Start of RECORDS TO PROCESS
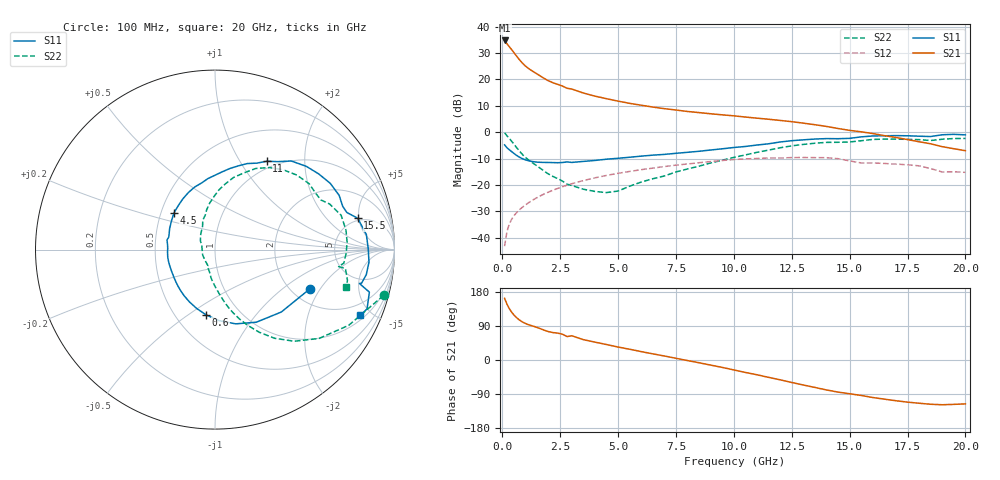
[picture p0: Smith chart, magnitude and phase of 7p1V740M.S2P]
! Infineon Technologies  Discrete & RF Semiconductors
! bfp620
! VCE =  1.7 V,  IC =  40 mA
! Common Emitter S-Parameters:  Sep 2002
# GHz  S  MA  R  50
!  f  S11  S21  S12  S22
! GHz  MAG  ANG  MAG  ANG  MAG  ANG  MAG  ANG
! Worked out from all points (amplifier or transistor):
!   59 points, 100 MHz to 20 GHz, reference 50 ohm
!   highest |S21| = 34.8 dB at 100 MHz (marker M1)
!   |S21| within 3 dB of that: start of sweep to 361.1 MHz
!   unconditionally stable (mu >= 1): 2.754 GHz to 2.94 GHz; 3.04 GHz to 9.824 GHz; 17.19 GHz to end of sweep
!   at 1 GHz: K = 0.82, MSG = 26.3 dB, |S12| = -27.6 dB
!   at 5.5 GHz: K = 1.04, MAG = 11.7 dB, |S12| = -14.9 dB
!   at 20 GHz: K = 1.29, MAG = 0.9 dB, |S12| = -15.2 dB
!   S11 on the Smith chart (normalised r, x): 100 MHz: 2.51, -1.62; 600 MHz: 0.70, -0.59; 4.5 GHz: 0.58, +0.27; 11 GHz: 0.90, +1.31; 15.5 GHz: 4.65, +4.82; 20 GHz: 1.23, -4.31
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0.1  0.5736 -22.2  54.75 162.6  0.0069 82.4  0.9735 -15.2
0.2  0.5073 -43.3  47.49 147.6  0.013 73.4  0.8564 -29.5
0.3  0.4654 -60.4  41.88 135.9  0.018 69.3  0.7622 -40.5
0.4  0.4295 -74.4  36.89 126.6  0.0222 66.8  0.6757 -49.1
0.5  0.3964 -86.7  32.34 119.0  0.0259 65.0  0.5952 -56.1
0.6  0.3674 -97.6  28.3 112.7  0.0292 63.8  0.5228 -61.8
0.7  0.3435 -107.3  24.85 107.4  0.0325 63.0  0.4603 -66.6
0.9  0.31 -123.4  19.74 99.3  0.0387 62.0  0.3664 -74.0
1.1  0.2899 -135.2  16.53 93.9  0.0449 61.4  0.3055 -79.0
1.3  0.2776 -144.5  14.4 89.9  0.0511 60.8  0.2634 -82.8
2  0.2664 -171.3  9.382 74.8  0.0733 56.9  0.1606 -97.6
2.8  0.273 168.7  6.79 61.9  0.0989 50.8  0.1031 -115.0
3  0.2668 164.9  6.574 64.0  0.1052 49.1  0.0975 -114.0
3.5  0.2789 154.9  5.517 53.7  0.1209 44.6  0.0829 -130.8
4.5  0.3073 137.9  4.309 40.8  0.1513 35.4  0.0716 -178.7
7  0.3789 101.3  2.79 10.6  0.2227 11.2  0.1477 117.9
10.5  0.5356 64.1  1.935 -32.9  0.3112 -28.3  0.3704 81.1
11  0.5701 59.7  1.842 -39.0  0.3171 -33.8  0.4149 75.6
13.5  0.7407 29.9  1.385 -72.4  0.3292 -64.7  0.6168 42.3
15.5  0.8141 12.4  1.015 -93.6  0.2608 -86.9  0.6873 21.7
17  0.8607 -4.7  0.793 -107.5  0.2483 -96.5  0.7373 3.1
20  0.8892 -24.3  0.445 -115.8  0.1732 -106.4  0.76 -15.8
End of RECORDS TO PROCESS
ABOUT THIS TASK: Filter the entries above down to the lines containing the word "Smith".

FINISHED EXERCISE:
[picture p0: Smith chart, magnitude and phase of 7p1V740M.S2P]
!   S11 on the Smith chart (normalised r, x): 100 MHz: 2.51, -1.62; 600 MHz: 0.70, -0.59; 4.5 GHz: 0.58, +0.27; 11 GHz: 0.90, +1.31; 15.5 GHz: 4.65, +4.82; 20 GHz: 1.23, -4.31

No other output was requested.